Situation: I have a file processor written in Python. The files will be "walked" and be put into a queue. It will then be processed using multirocessing
Problem: Refer to the code below
fileA.py
==========
import Queue
import os
def walker():
filelist = Queue.Queue()
queue_end = Object()
for root, dirs, files in os.walk('/'):
for f in files:
path = os.path.join(root,f)
if not os.path.islink(path):
filelist.put(path)
filelist.put(queue_end)
fileB.py
===========
import fileA
import os
import multiprocessing as mp
def processor(queuelock):
while True:
with queuelock:
filepath = fileA.filelist.get()
if filepath is fileA.queue_end:
filelist.put(queue_end)
break
#example of a job
os.move(filepath, "/home/newuser" + filepath)
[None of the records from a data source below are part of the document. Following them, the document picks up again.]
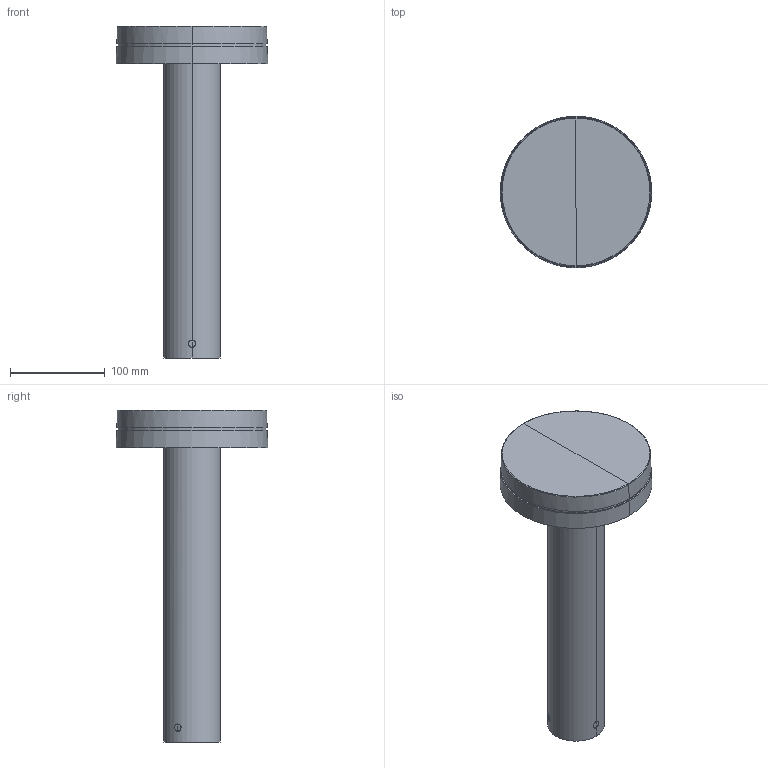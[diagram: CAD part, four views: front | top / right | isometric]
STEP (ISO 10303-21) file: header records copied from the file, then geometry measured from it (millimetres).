
FILE_DESCRIPTION(/* description */ (''),/* implementation_level */ '2;1');
FILE_NAME(/* name */ '71946.step',/* time_stamp */ '2024-09-25T11:42:56+02:00',/* author */ ('RenataManzini'),/* organization */ (''),/* preprocessor_version */ 'ST-DEVELOPER v20',/* originating_system */ 'AutoCAD Mechanical',/* authorisation */ '');
FILE_SCHEMA (('AUTOMOTIVE_DESIGN { 1 0 10303 214 3 1 1 }'));
Length unit declared in the file: millimetre
Products named in the file (2): Product; espot_350 - pieza-729907-_3D_
Assembly tree (1 placements, depth 2):
  Product
    espot_350 - pieza-729907-_3D_
Bounding box: 160 x 160 x 350 mm (x, y, z)
Volume: 906854.2 mm3; surface area: 178879.9 mm2
Topology: 5 solids, 5 shells, 98 faces, 215 edges, 129 vertices
Faces by surface type: cylinder 41, plane 37, cone 18, torus 2
Entity records: 3196 total; most frequent: CARTESIAN_POINT 980, DIRECTION 474, ORIENTED_EDGE 424, EDGE_CURVE 212, AXIS2_PLACEMENT_3D 184, VERTEX_POINT 124, EDGE_LOOP 110, LINE 106

print filepath + " has been moved!"
if __name__ == '__main__':
fileA.walker()
queuelock = mp.Lock()
jobs = []
for i in range(0,mp.cpu_count()):
process = mp.Process(target=processor(queuelock))
jobs.append(process)
process.start()
The problem is when the files are being moved, all processes will attempt to move the EXACT same file, even though it has supposedly been removed from the queue.
Example output:
randomFile as been moved!
Error: ......... randomFile not found
Error: ......... randomFile not found
Error: ......... randomFile not found
Thereby implying that every process spawned has dequeued the exact same file and tried to perform the same process on the same file.
Question: Is there something that I am doing wrong that for some reason, the filelist
queue has been sent to every process (what is happening now), instead of the filelist
queue being shared by all process (my intended result)?
filelist
is currently only a local variable to walker()
and the queue object isn't shared with other parts of the code, so at least a return filelist
is needed in walker()
.
To share the same queue among multiple processes, a multiprocessing.Queue
is needed. A queue.Queue
is copied when a process is forked (or spawned) so it becomes a new indepent queue for each process.